[[ SUPPLIED MATERIAL, beginning ]]

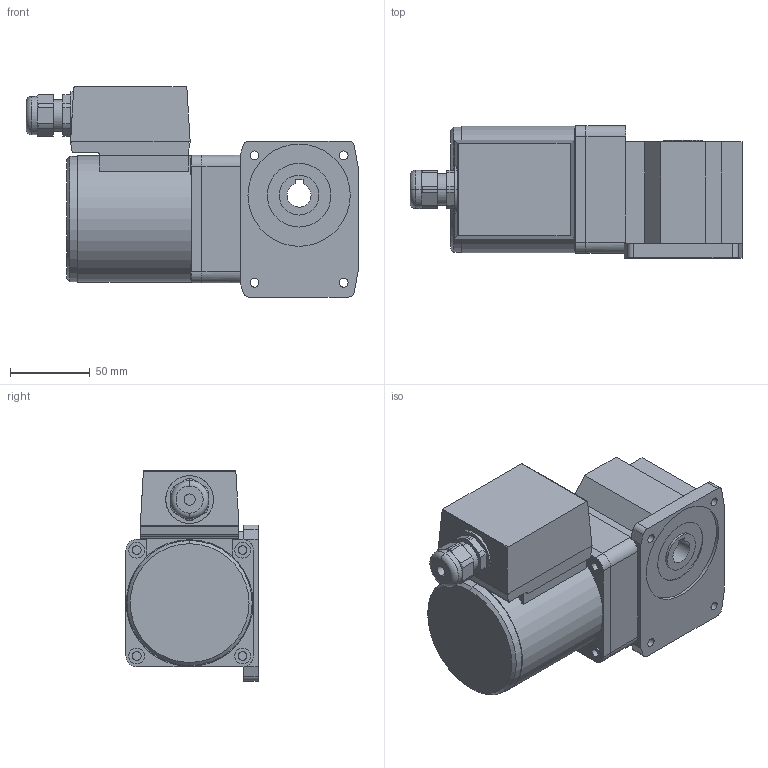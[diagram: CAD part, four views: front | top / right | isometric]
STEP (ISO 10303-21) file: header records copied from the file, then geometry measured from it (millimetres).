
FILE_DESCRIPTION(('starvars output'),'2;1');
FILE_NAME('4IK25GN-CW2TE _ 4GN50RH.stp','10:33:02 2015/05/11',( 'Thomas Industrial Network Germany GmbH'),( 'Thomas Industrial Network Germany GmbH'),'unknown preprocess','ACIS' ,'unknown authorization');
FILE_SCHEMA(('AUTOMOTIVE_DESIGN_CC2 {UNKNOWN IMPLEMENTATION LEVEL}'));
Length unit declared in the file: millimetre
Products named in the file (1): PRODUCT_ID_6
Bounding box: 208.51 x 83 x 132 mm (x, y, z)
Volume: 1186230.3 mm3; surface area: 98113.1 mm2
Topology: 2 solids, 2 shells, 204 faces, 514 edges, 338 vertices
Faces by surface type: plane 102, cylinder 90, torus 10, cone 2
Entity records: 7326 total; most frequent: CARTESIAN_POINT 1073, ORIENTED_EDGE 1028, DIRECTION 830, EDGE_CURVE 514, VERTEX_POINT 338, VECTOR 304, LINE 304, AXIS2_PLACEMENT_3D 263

[[ SUPPLIED MATERIAL, end ]]

ACTION ITEM
Pictures are to be left out; please print the rest of the records above word for word.

SOLUTION TO THE PROBLEM
[diagram: CAD part, four views: front | top / right | isometric]
STEP (ISO 10303-21) file: header records copied from the file, then geometry measured from it (millimetres).
FILE_DESCRIPTION(('starvars output'),'2;1');
FILE_NAME('4IK25GN-CW2TE _ 4GN50RH.stp','10:33:02 2015/05/11',( 'Thomas Industrial Network Germany GmbH'),( 'Thomas Industrial Network Germany GmbH'),'unknown preprocess','ACIS' ,'unknown authorization');
FILE_SCHEMA(('AUTOMOTIVE_DESIGN_CC2 {UNKNOWN IMPLEMENTATION LEVEL}'));
Length unit declared in the file: millimetre
Products named in the file (1): PRODUCT_ID_6
Bounding box: 208.51 x 83 x 132 mm (x, y, z)
Volume: 1186230.3 mm3; surface area: 98113.1 mm2
Topology: 2 solids, 2 shells, 204 faces, 514 edges, 338 vertices
Faces by surface type: plane 102, cylinder 90, torus 10, cone 2
Entity records: 7326 total; most frequent: CARTESIAN_POINT 1073, ORIENTED_EDGE 1028, DIRECTION 830, EDGE_CURVE 514, VERTEX_POINT 338, VECTOR 304, LINE 304, AXIS2_PLACEMENT_3D 263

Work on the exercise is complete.